La frase del comienzo no es del todo mía. Hace referencia a que también la Naturaleza se queja y que un monte, como un toro de lidia, puede desmontarse de su asiento y salir rugiendo por ríos y llanos, como el Nevado del Ruiz aquel nefasto 13 de noviembre. La insolencia del humano, que no respeta las leyes naturales y no preserva las fuentes del agua, del aire puro, la fauna y flora, hasta el fondo de la tierra ha llegado. Cansados están la tierra, los mares, los nevados, los polos, las selvas y los lagos y de alguna manera manifiestan su enojo y los despojos.

Pareciera que el suave arroyo, la espesa cabellera verde de Amazonas o Putumayo o de Chocó, los árboles de las avenidas, los océanos, no tuvieran boca ni arterias ni corazón que sintieran la implacable saña con que los devasta el ser humano. No es un castigo de dios ni mala suerte, ni algo tan grande que supere la fuerza de los hombres. No. Es precisamente el mal uso y la insensibilidad humana quien ha causado esta reacción abrupta de la Naturaleza.

Vemos con espanto las nevadas, los sunamis, los huracanes con diverso nombre, los terremotos, el crecimiento inusual de ríos y quebradas, el cambio climático y el hombre insensato pide al cielo que lo proteja. Pero sigue contaminando las aguas, la tala sin reposición de selva y convirtiendo en calvo al monte y sacrificando, igual que con el hombre, a los animales y los pájaros que no tienen dolientes.

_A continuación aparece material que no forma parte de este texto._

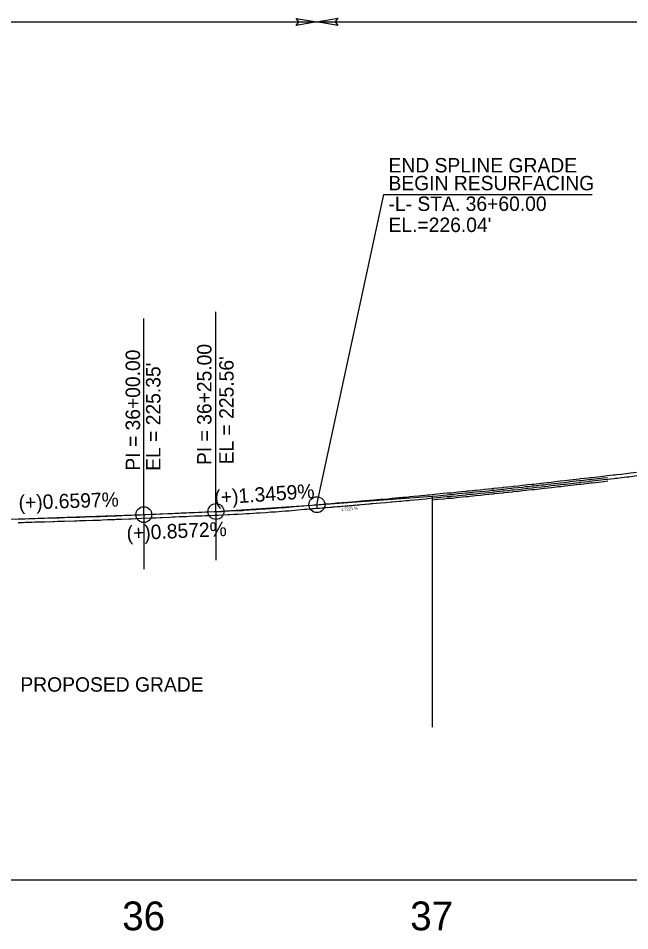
# Model space of a CAD drawing. Extents: x 2115752 to 2121174, y 562881 to 567245.
# Drawn here: x 2119252.8 to 2119464.8, y 566358.2 to 566674.8 of the extents above; entities that cross this region are included whole.
import ezdxf

# ---------------------------------------------------------------- set-up
doc = ezdxf.new("R2010")
doc.units = 0
for name, color, linetype in [('Exist Profile Cell', 7, 'Continuous'), ('Exist Vertical Profile Ground Line', 7, 'Continuous'), ('Exist Vertical Profile Horizontal Axis Label Major', 7, 'Continuous'), ('Prop Vertical Profile Grade', 7, 'Continuous'), ('Prop Vertical Profile Grade Label', 7, 'Continuous'), ('Prop VPI Label', 7, 'Continuous'), ('Scratch_Level_1', 7, 'Continuous')]:
    doc.layers.add(name, color=color, linetype=linetype)

msp = doc.modelspace()

# ---------------------------------------------------------------- linework, layer by layer
at = {"layer": 'Exist Profile Cell'}
msp.add_line((2116696.3, 566375.81), (2121174.42, 566375.81), dxfattribs=at)
at = {"layer": 'Exist Vertical Profile Ground Line'}
for points in [[(2119325.41, 566502.58), (2119326.07, 566502.61), (2119327.52, 566502.69), (2119328.9, 566502.76), (2119330.55, 566502.79), (2119331.97, 566502.93), (2119332.4, 566502.96), (2119332.86, 566502.99), (2119334.31, 566503.07), (2119335.36, 566503.12), (2119336.51, 566503.2), (2119338.6, 566503.34), (2119339.35, 566503.39), (2119340.35, 566503.47), (2119341.26, 566503.5), (2119341.93, 566503.57), (2119344.15, 566503.74), (2119345.26, 566503.83), (2119346.55, 566503.9), (2119348.62, 566504.11), (2119351.86, 566504.41), (2119352.88, 566504.49), (2119354.7, 566504.63), (2119355.42, 566504.69), (2119357.19, 566504.78), (2119358.52, 566504.95), (2119359.44, 566505.03), (2119361.5, 566505.19), (2119361.8, 566505.21), (2119362.47, 566505.26), (2119363.34, 566505.36), (2119364.34, 566505.41), (2119365.16, 566505.5), (2119367.05, 566505.66), (2119368.47, 566505.77), (2119370.92, 566505.99), (2119371.76, 566506.06), (2119374.7, 566506.34), (2119375.09, 566506.37), (2119378.37, 566506.67), (2119380.23, 566506.73), (2119381.89, 566506.94), (2119382.39, 566506.99), (2119384.9, 566507.21), (2119385.46, 566507.26), (2119386.19, 566507.34), (2119387.32, 566507.41), (2119388.17, 566507.51), (2119388.69, 566507.56), (2119390.07, 566507.69), (2119391.57, 566507.83), (2119392.65, 566507.9), (2119393.97, 566508.09), (2119394.81, 566508.16), (2119395.48, 566508.23), (2119398.12, 566508.5), (2119400.23, 566508.72), (2119401.5, 566508.83), (2119402.28, 566508.87), (2119403.24, 566508.92), (2119404.65, 566509.13), (2119405.43, 566509.22), (2119407.95, 566509.47), (2119408.52, 566509.52), (2119409.26, 566509.61), (2119410.35, 566509.69), (2119411.27, 566509.8), (2119413.01, 566509.97), (2119414.55, 566510.12), (2119415.87, 566510.22), (2119417.03, 566510.37), (2119417.49, 566510.41), (2119417.84, 566510.45), (2119420.77, 566510.77), (2119421.1, 566510.8), (2119422.67, 566510.98), (2119423.93, 566511.12), (2119424.44, 566511.18), (2119426.29, 566511.32), (2119427.63, 566511.51), (2119428.69, 566511.64), (2119429.47, 566511.72), (2119430.97, 566511.87), (2119431.63, 566511.93), (2119432.46, 566512.05), (2119434.22, 566512.23), (2119435.17, 566512.3), (2119436.3, 566512.46), (2119437.53, 566512.61), (2119440.01, 566512.9), (2119440.79, 566512.99), (2119442.32, 566513.13), (2119444.21, 566513.4), (2119447.32, 566513.74), (2119447.82, 566513.8), (2119450.56, 566514.1), (2119451.1, 566514.16), (2119451.77, 566514.24), (2119453.87, 566514.47), (2119455.61, 566514.69), (2119457.13, 566514.86)], [(2119457.13, 566514.86), (2119459.3, 566515.12), (2119459.86, 566515.16), (2119460.36, 566515.23), (2119461.91, 566515.39), (2119463.7, 566515.63), (2119464.41, 566515.72), (2119467.25, 566516.09)], [(2119252.75, 566499.83), (2119253.65, 566499.85), (2119254.42, 566499.86), (2119255.16, 566499.9), (2119257.43, 566499.97), (2119258.5, 566500), (2119259.72, 566500.03), (2119261.28, 566500.07), (2119261.89, 566500.09), (2119264.8, 566500.2), (2119265.23, 566500.21), (2119266.35, 566500.23), (2119266.86, 566500.24), (2119268.82, 566500.31), (2119272.31, 566500.42), (2119273.14, 566500.44), (2119273.97, 566500.46), (2119275.27, 566500.52), (2119276.24, 566500.55), (2119278.64, 566500.64), (2119279.18, 566500.66), (2119279.94, 566500.68), (2119281.04, 566500.69), (2119282, 566500.75), (2119283.65, 566500.81), (2119285.35, 566500.87), (2119286.28, 566500.91), (2119286.74, 566500.93), (2119287.42, 566500.95), (2119288.17, 566500.94), (2119288.72, 566500.99), (2119291.11, 566501.09), (2119292.01, 566501.13), (2119293.53, 566501.2), (2119295.42, 566501.27), (2119298.78, 566501.42), (2119300.51, 566501.46), (2119302, 566501.55), (2119302.68, 566501.58), (2119305.44, 566501.7), (2119306.23, 566501.74), (2119307.13, 566501.78), (2119308.66, 566501.85), (2119309.28, 566501.89), (2119310.03, 566501.92), (2119311.12, 566501.92), (2119312.05, 566502), (2119313.92, 566502.08), (2119315.34, 566502.13), (2119316.4, 566502.16), (2119317.73, 566502.22), (2119318.29, 566502.22), (2119318.69, 566502.25), (2119320.72, 566502.34), (2119321.33, 566502.37), (2119322.02, 566502.4), (2119323.52, 566502.44), (2119325.41, 566502.58)]]:
    msp.add_lwpolyline(points, dxfattribs=at)
at = {"layer": 'Prop Vertical Profile Grade'}
msp.add_lwpolyline([(2118985.32, 566512.53), (2119042.37, 566507.63), (2119066.3, 566505.62), (2119096.3, 566503.52), (2119121.3, 566502.32), (2119146.3, 566501.33), (2119171.3, 566500.63), (2119206.3, 566500.08), (2119246.3, 566500.91), (2119296.3, 566502.56), (2119321.3, 566503.63), (2119356.3, 566505.99)], dxfattribs=at)
at = {"layer": 'Prop VPI Label'}
for p, q in [((2119356.3, 566505.99), (2119379.56, 566613.59)), ((2119379.56, 566613.59), (2119451.72, 566613.59)), ((2119296.3, 566502.56), (2119296.3, 566570.61)), ((2119321.3, 566503.63), (2119321.3, 566572.98))]:
    msp.add_line(p, q, dxfattribs=at)
for centre in [(2119356.3, 566505.99), (2119296.3, 566502.56), (2119321.3, 566503.63)]:
    msp.add_circle(centre, 2.75, dxfattribs=at)
at = {"layer": 'Scratch_Level_1'}
for p, q in [((2118985.32, 566673.51), (2119356.3, 566673.51)), ((2119356.3, 566673.51), (2119727.28, 566673.51)), ((2119356.3, 566505.99), (2119396.3, 566508.95)), ((2119396.3, 566508.95), (2119396.3, 566428.85)), ((2119355.42, 566504.69), (2119378.37, 566506.67)), ((2119356.3, 566505.99), (2119356.3, 566504.73)), ((2119296.3, 566502.56), (2119296.3, 566483.58)), ((2119321.3, 566503.62), (2119321.3, 566486.73))]:
    msp.add_line(p, q, dxfattribs=at)
for points in [[(2119349.1, 566674.75), (2119356.3, 566673.51), (2119349.06, 566672.23), (2119349.98, 566673.51)], [(2119363.5, 566672.27), (2119356.3, 566673.51), (2119363.54, 566674.79), (2119362.62, 566673.51)]]:
    msp.add_lwpolyline(points, close=True, dxfattribs=at)
for points in [[(2119456.98, 566516.1), (2119459.17, 566516.36), (2119459.72, 566516.41), (2119460.21, 566516.48), (2119461.76, 566516.63), (2119463.53, 566516.87), (2119464.25, 566516.96), (2119467.11, 566517.33)], [(2119325.35, 566503.83), (2119326, 566503.86), (2119327.45, 566503.94), (2119328.86, 566504.01), (2119330.48, 566504.04), (2119331.87, 566504.18), (2119332.32, 566504.21), (2119332.79, 566504.23), (2119334.24, 566504.31), (2119335.29, 566504.37), (2119336.42, 566504.45), (2119338.52, 566504.59), (2119339.27, 566504.64), (2119340.28, 566504.72), (2119341.18, 566504.75), (2119341.82, 566504.81), (2119344.05, 566504.99), (2119345.18, 566505.08), (2119346.46, 566505.15), (2119348.5, 566505.35), (2119351.76, 566505.65), (2119352.78, 566505.74), (2119354.6, 566505.88), (2119355.34, 566505.94), (2119357.07, 566506.02), (2119358.39, 566506.19), (2119359.34, 566506.27), (2119361.4, 566506.44), (2119361.7, 566506.46), (2119362.35, 566506.51), (2119363.24, 566506.61), (2119364.25, 566506.66), (2119365.04, 566506.74), (2119366.95, 566506.9), (2119368.36, 566507.01), (2119370.82, 566507.24), (2119371.65, 566507.3), (2119374.59, 566507.58), (2119374.98, 566507.62), (2119378.3, 566507.92), (2119380.13, 566507.97), (2119381.75, 566508.19), (2119382.27, 566508.23), (2119384.8, 566508.46), (2119385.34, 566508.5), (2119386.08, 566508.59), (2119387.2, 566508.66), (2119388.04, 566508.76), (2119388.57, 566508.81), (2119389.95, 566508.93), (2119391.48, 566509.08), (2119392.52, 566509.14), (2119393.83, 566509.33), (2119394.69, 566509.41), (2119395.35, 566509.48), (2119398, 566509.75), (2119400.11, 566509.96), (2119401.42, 566510.08), (2119402.22, 566510.12), (2119403.12, 566510.16), (2119404.49, 566510.37), (2119405.3, 566510.46), (2119407.83, 566510.72), (2119408.4, 566510.76), (2119409.14, 566510.85), (2119410.23, 566510.94), (2119411.13, 566511.04), (2119412.89, 566511.21), (2119414.44, 566511.37), (2119415.74, 566511.47), (2119416.9, 566511.61), (2119417.37, 566511.65), (2119417.69, 566511.69), (2119420.64, 566512.01), (2119420.97, 566512.04), (2119422.53, 566512.22), (2119423.79, 566512.36), (2119424.32, 566512.42), (2119426.16, 566512.56), (2119427.47, 566512.75), (2119428.56, 566512.88), (2119429.34, 566512.96), (2119430.85, 566513.12), (2119431.49, 566513.17), (2119432.31, 566513.29), (2119434.11, 566513.47), (2119435.03, 566513.54), (2119436.14, 566513.7), (2119437.39, 566513.85), (2119439.86, 566514.14), (2119440.65, 566514.23), (2119442.18, 566514.37), (2119444.06, 566514.64), (2119447.18, 566514.98), (2119447.69, 566515.04), (2119450.42, 566515.34), (2119450.95, 566515.4), (2119451.63, 566515.48), (2119453.72, 566515.71), (2119455.46, 566515.93), (2119456.99, 566516.1)], [(2119396.3, 566508.95), (2119398.06, 566509.13), (2119400.17, 566509.34), (2119401.46, 566509.46), (2119402.25, 566509.5), (2119403.18, 566509.54), (2119404.57, 566509.75), (2119405.37, 566509.84), (2119407.89, 566510.1), (2119408.46, 566510.14), (2119409.2, 566510.23), (2119410.29, 566510.32), (2119411.2, 566510.42), (2119412.95, 566510.59), (2119414.49, 566510.74), (2119415.81, 566510.85), (2119416.97, 566510.99), (2119417.43, 566511.03), (2119417.76, 566511.07), (2119420.71, 566511.39), (2119421.04, 566511.42), (2119422.6, 566511.6), (2119423.86, 566511.74), (2119424.38, 566511.8), (2119426.22, 566511.94), (2119427.55, 566512.13), (2119428.62, 566512.26), (2119429.4, 566512.34), (2119430.91, 566512.5), (2119431.56, 566512.55), (2119432.38, 566512.67), (2119434.16, 566512.85), (2119435.1, 566512.92), (2119436.22, 566513.08), (2119437.46, 566513.23), (2119439.94, 566513.52), (2119440.72, 566513.61), (2119442.25, 566513.75), (2119444.14, 566514.02), (2119447.25, 566514.36), (2119447.75, 566514.42), (2119450.49, 566514.72), (2119451.02, 566514.78), (2119451.7, 566514.86), (2119453.8, 566515.09), (2119455.53, 566515.31), (2119457.06, 566515.48)], [(2119396.3, 566507.69), (2119398.19, 566507.88), (2119400.29, 566508.09), (2119401.55, 566508.21), (2119402.31, 566508.25), (2119403.3, 566508.3), (2119404.73, 566508.51), (2119405.5, 566508.59), (2119408, 566508.85), (2119408.58, 566508.9), (2119409.32, 566508.99), (2119410.41, 566509.07), (2119411.33, 566509.18), (2119413.07, 566509.35), (2119414.6, 566509.5), (2119415.94, 566509.6), (2119417.1, 566509.75), (2119417.55, 566509.79), (2119417.91, 566509.83), (2119420.84, 566510.14), (2119421.17, 566510.18), (2119422.74, 566510.36), (2119424, 566510.5), (2119424.5, 566510.56), (2119426.36, 566510.7), (2119427.71, 566510.9), (2119428.76, 566511.02), (2119429.53, 566511.1), (2119431.03, 566511.25), (2119431.7, 566511.31), (2119432.53, 566511.43), (2119434.27, 566511.61), (2119435.24, 566511.68), (2119436.38, 566511.84), (2119437.61, 566511.99), (2119440.08, 566512.28), (2119440.85, 566512.37), (2119442.39, 566512.51), (2119444.29, 566512.78), (2119447.39, 566513.12), (2119447.89, 566513.17), (2119450.63, 566513.48), (2119451.17, 566513.54), (2119451.84, 566513.62), (2119453.94, 566513.84), (2119455.68, 566514.06), (2119457.2, 566514.24)], [(2119252.73, 566501.08), (2119253.62, 566501.1), (2119254.38, 566501.11), (2119255.12, 566501.14), (2119257.39, 566501.22), (2119258.46, 566501.25), (2119259.68, 566501.28), (2119261.25, 566501.32), (2119261.84, 566501.34), (2119264.77, 566501.45), (2119265.21, 566501.46), (2119266.32, 566501.48), (2119266.83, 566501.49), (2119268.77, 566501.56), (2119272.28, 566501.67), (2119273.12, 566501.69), (2119273.93, 566501.71), (2119275.22, 566501.77), (2119276.19, 566501.8), (2119278.6, 566501.89), (2119279.14, 566501.9), (2119279.92, 566501.93), (2119281, 566501.94), (2119281.94, 566502), (2119283.6, 566502.06), (2119285.3, 566502.12), (2119286.24, 566502.16), (2119286.7, 566502.18), (2119287.4, 566502.2), (2119288.11, 566502.19), (2119288.64, 566502.24), (2119291.06, 566502.34), (2119291.96, 566502.38), (2119293.48, 566502.44), (2119295.37, 566502.52), (2119298.74, 566502.67), (2119300.46, 566502.71), (2119301.94, 566502.8), (2119302.63, 566502.83), (2119305.39, 566502.95), (2119306.18, 566502.99), (2119307.07, 566503.03), (2119308.59, 566503.1), (2119309.22, 566503.14), (2119310, 566503.17), (2119311.07, 566503.17), (2119311.97, 566503.24), (2119313.87, 566503.32), (2119315.3, 566503.38), (2119316.35, 566503.41), (2119317.7, 566503.47), (2119318.24, 566503.47), (2119318.61, 566503.5), (2119320.66, 566503.59), (2119321.27, 566503.62), (2119321.98, 566503.65), (2119323.45, 566503.69), (2119325.32, 566503.83)]]:
    msp.add_lwpolyline(points, dxfattribs=at)

# ---------------------------------------------------------------- texts
at = {"layer": 'Exist Vertical Profile Horizontal Axis Label Major'}
for s, p in [('36', (2119288.79, 566358.31)), ('37', (2119388.65, 566358.31))]:
    msp.add_text(s, height=10, dxfattribs=at).set_placement(p)
at = {"layer": 'Prop Vertical Profile Grade Label'}
for s, rotation, p in [('(+)0.6597%', 1.8892, (2119252.94, 566504.23)), ('(+)1.3459%', 3.85, (2119320.92, 566506)), ('(+)0.8572%', 2.4542, (2119290.42, 566493.64))]:
    msp.add_text(s, height=5, rotation=rotation, dxfattribs=at).set_placement(p)
at = {"layer": 'Prop VPI Label'}
for s, p in [('END SPLINE GRADE', (2119381.12, 566621.29)), ('BEGIN RESURFACING', (2119381.12, 566615.09)), ('-L- STA. 36+60.00', (2119381.12, 566607.94)), ("EL.=226.04'", (2119381.12, 566600.61)), ('PROPOSED GRADE', (2119253.48, 566441.12))]:
    msp.add_text(s, height=5, dxfattribs=at).set_placement(p)
for s, p in [('PI = 36+25.00', (2119319.74, 566519.77)), ('PI = 36+00.00', (2119294.98, 566517.81)), ("EL = 225.35'", (2119302.05, 566517.76)), ("EL = 225.56'", (2119327.43, 566519.98))]:
    msp.add_text(s, height=5, rotation=90, dxfattribs=at).set_placement(p)
at = {"layer": 'Scratch_Level_1'}
msp.add_text('1.7221 %', height=1, rotation=4.9213, dxfattribs=at).set_placement((2119364.69, 566503.8))

doc.saveas('drawing.dxf')

¿Quién habla, quién defiende al pobre río? ¿Quién defiende a la inerme selva? ¿Quién defiende al guatín, a las tortugas, al tominejo, al ruiseñor, a la paciente agua de los mares? ¿Acaso el ministro Arias, o Juan Ambiente, el Ica, o los gobernadores o el señor Alcalde? Hasta las piedras se han rebelado y se derrumban sobre carreteras mal cuidadas. ¿Quién habla por las piedras y los montes que se desgajan sobre casas y camiones en invierno? ¿Será el “inclemente cambio de clima” el que así nos castiga con muertes y despojos?

¿No podrán hablar las papas, la arracacha, el arroz, el algodón, el tomate, la panela a fin de año, si también habló el cemento, el hierro, el comercio, la gasolina, los industriales, la banca que subieron sus precios más del IPC a lo largo del año y nadie rezongó? Nadie los “judicializó” y todo estuvo bien.

Nos hemos acostumbrado a que sólo hablan en la mesa el papá y un poco la mamá o los tíos y los amigos. Hablan el presidente, los ministros, los generales y los sargentos, pero el agricultor, el trabajador raso, el indígena y el cortero son menores y deben permanecer como los montes. Mudos y resignados como lo enseñaron Astete y Pablo el de la epístola que mandó callar a la mujer ante el esposo, como a Chávez el de España.

¿Quién abogará por los tartamudos ríos y selvas, por los inermes, por los menores? ¿El Defensor del Pueblo, el Congreso admirable, el partido liberal, o será sólo el Dane que nos venga a decir que todo sigue bien? ¿Cuándo será Colombia un país con justicia, igualdad, oportunidades y tecnologías para todos? ¿Será que la ruana sólo se usa para las fotos, pero que la oportunidad seguirá siendo para los que no siembran papa y no son de ruana?
23-12-08 – 10:40 a.m.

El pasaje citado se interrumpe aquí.